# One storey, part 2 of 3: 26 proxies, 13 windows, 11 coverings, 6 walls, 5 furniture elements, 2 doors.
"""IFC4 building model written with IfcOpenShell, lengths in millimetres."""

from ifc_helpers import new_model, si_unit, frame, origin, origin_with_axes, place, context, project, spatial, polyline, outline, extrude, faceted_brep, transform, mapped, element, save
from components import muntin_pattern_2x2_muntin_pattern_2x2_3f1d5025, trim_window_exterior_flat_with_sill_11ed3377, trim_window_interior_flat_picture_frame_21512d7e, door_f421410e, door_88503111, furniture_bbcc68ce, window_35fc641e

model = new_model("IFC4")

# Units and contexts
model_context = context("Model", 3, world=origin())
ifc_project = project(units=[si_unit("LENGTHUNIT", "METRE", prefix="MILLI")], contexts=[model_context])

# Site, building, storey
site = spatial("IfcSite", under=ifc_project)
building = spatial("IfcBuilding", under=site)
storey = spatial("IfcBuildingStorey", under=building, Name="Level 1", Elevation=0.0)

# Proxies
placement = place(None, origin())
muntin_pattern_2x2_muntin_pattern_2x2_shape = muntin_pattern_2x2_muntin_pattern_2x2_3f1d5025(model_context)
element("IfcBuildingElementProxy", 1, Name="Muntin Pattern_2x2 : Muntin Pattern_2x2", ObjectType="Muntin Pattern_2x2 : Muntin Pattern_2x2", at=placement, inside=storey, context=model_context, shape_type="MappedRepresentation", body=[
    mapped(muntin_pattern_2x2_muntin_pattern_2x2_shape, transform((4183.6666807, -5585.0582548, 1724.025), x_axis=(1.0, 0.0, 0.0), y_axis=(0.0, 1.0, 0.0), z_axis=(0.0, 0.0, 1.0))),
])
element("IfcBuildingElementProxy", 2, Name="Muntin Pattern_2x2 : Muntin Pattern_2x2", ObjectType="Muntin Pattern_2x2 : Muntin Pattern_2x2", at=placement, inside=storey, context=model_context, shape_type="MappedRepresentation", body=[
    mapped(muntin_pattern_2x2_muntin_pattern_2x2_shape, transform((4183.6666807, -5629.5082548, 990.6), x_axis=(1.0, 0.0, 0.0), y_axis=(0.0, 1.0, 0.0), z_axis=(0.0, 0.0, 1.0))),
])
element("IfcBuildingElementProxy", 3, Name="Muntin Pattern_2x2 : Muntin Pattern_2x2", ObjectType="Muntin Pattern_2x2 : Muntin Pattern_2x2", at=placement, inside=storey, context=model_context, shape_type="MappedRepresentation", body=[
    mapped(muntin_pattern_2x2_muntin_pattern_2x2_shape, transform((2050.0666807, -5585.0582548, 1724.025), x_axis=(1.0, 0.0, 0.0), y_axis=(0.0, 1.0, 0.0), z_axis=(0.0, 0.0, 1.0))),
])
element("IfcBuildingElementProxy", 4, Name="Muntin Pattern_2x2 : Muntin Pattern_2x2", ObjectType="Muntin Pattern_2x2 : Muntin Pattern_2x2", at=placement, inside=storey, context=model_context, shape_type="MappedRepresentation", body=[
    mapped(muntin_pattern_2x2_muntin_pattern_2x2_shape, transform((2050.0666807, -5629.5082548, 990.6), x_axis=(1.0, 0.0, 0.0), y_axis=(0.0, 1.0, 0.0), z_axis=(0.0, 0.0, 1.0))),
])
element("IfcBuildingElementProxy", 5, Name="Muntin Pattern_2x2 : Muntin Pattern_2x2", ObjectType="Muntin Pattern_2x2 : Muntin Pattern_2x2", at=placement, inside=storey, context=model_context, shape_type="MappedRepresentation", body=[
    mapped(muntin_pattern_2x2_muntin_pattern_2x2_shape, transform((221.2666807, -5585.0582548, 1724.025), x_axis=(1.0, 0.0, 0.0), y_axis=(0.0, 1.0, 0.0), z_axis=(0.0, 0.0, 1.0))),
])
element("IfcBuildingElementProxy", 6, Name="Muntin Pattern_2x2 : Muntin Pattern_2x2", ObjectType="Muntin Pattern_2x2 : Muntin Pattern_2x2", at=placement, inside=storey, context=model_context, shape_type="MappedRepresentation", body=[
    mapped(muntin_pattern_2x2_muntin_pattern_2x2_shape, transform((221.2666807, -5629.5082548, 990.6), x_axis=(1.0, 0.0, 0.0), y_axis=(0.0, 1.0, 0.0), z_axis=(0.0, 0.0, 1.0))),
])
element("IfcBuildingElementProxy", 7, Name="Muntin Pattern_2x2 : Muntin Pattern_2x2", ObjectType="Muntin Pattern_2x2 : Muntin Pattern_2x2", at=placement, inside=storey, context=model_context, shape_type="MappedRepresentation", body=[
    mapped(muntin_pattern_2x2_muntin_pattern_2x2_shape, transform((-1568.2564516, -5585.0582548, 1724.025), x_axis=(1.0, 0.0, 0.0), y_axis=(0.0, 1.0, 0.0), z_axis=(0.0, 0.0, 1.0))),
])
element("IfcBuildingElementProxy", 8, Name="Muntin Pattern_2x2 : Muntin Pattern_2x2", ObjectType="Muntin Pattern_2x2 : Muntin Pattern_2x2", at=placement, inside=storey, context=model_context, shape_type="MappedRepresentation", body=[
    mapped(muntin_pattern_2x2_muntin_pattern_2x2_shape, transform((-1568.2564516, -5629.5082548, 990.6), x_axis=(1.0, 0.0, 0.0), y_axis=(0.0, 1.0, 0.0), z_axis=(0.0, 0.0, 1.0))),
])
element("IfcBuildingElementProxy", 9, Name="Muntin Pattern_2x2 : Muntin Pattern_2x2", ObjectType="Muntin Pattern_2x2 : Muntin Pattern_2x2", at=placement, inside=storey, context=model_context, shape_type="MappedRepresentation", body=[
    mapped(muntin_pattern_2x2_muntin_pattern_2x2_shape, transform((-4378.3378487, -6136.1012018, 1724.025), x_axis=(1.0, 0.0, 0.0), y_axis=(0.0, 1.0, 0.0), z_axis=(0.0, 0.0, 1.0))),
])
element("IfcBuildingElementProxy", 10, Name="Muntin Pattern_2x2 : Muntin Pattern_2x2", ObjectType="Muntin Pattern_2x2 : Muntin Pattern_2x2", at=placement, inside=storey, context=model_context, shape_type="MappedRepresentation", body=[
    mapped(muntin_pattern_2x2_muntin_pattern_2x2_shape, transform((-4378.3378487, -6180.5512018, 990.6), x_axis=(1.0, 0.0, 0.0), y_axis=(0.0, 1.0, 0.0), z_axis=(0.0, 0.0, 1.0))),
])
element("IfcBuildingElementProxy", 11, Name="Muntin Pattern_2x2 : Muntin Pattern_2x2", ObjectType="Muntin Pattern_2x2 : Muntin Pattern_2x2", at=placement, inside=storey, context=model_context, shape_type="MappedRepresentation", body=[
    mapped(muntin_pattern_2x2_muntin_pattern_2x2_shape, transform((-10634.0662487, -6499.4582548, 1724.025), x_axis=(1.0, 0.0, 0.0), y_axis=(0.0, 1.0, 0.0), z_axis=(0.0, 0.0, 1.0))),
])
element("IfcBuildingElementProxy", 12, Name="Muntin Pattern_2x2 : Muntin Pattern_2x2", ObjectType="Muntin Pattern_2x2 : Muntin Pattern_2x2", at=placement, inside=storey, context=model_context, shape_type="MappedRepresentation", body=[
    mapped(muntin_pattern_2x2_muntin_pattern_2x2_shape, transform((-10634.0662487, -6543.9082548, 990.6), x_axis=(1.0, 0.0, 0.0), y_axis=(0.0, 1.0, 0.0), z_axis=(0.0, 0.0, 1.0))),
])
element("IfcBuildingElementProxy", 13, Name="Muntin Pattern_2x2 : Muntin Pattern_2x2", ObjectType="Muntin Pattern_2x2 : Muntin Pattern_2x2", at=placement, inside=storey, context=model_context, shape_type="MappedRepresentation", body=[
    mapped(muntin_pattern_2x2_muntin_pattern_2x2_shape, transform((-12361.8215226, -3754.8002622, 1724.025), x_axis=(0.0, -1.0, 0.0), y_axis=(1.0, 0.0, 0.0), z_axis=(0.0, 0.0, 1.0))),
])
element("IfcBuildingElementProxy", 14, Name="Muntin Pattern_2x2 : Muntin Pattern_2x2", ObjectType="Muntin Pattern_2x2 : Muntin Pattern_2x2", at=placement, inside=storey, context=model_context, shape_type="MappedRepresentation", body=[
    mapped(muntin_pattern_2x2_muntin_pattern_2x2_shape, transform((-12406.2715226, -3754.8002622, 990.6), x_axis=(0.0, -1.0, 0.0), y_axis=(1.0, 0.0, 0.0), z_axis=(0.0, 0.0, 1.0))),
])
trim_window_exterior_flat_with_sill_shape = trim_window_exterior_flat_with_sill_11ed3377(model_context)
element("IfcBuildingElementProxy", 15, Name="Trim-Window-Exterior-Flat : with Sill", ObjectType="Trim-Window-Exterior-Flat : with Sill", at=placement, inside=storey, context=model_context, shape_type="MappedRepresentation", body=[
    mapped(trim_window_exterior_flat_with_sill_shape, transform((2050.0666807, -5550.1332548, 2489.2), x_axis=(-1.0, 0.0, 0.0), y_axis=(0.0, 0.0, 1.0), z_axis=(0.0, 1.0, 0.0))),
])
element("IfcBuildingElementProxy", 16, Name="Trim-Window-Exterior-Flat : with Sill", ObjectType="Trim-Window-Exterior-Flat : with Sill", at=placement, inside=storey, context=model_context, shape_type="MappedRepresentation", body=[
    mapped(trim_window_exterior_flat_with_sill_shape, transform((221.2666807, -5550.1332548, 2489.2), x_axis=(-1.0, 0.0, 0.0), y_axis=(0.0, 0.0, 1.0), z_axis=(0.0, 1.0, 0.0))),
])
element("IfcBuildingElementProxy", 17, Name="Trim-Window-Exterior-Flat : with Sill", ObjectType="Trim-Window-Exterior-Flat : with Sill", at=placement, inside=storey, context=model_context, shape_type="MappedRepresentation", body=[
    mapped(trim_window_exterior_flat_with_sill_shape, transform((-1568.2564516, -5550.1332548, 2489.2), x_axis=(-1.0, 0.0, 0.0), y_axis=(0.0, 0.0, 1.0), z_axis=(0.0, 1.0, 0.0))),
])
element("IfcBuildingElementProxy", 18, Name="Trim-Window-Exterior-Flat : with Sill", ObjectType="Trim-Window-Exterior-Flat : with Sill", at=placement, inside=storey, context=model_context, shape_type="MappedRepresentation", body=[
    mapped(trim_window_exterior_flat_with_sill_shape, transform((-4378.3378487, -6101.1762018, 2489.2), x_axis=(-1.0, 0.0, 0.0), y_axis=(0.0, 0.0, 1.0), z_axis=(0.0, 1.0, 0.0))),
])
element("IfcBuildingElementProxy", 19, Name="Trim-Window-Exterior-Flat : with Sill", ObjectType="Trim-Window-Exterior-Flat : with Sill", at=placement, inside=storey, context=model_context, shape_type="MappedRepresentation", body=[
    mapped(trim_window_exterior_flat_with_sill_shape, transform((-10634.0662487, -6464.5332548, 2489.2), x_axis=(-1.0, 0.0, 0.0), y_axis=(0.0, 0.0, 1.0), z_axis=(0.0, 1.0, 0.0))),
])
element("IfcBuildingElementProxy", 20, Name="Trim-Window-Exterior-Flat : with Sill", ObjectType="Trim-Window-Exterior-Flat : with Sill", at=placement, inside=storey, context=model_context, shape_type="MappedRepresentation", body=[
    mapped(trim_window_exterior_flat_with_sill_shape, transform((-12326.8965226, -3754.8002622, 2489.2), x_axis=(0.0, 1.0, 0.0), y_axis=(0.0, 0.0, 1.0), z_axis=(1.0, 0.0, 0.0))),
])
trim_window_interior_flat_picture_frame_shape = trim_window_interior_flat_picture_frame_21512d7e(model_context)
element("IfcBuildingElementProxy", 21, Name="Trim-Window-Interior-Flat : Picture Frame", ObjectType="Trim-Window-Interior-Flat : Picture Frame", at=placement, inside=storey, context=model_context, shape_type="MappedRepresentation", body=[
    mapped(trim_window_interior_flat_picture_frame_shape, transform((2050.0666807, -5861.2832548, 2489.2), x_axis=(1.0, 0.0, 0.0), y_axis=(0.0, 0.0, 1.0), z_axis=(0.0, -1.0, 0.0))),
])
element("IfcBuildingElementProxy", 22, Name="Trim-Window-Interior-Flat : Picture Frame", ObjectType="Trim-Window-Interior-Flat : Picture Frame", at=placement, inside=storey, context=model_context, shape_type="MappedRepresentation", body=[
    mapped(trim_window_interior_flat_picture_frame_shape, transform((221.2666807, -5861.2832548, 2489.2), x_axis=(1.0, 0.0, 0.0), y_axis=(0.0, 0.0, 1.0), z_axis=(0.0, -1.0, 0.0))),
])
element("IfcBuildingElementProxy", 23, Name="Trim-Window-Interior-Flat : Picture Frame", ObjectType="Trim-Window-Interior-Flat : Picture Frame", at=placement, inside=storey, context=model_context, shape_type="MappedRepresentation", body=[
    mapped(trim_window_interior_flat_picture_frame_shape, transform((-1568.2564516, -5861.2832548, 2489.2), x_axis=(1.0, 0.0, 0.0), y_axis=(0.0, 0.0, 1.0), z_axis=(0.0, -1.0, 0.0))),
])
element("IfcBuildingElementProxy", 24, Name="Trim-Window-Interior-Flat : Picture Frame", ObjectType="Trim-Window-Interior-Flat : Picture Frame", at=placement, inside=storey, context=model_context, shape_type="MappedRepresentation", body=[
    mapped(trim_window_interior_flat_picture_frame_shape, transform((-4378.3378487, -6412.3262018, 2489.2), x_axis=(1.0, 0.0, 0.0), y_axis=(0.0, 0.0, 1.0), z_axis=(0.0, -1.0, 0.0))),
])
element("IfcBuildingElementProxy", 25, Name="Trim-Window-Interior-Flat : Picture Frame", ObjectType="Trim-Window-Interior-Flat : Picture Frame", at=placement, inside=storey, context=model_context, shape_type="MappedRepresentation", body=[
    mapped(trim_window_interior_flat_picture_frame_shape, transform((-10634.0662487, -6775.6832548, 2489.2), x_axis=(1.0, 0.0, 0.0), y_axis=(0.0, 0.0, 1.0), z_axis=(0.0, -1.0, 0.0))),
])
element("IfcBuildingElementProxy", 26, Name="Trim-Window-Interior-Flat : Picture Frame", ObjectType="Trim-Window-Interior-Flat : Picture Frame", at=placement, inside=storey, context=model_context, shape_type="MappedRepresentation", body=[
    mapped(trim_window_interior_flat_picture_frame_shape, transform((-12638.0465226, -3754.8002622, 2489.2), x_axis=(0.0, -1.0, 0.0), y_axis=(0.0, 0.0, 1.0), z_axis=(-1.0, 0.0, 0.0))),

- _What you are asked to do_: Sift the data above for lines with "spatial", then copy each one.

- _Task output_:
from ifc_helpers import new_model, si_unit, frame, origin, origin_with_axes, place, context, project, spatial, polyline, outline, extrude, faceted_brep, transform, mapped, element, save
site = spatial("IfcSite", under=ifc_project)
building = spatial("IfcBuilding", under=site)
storey = spatial("IfcBuildingStorey", under=building, Name="Level 1", Elevation=0.0)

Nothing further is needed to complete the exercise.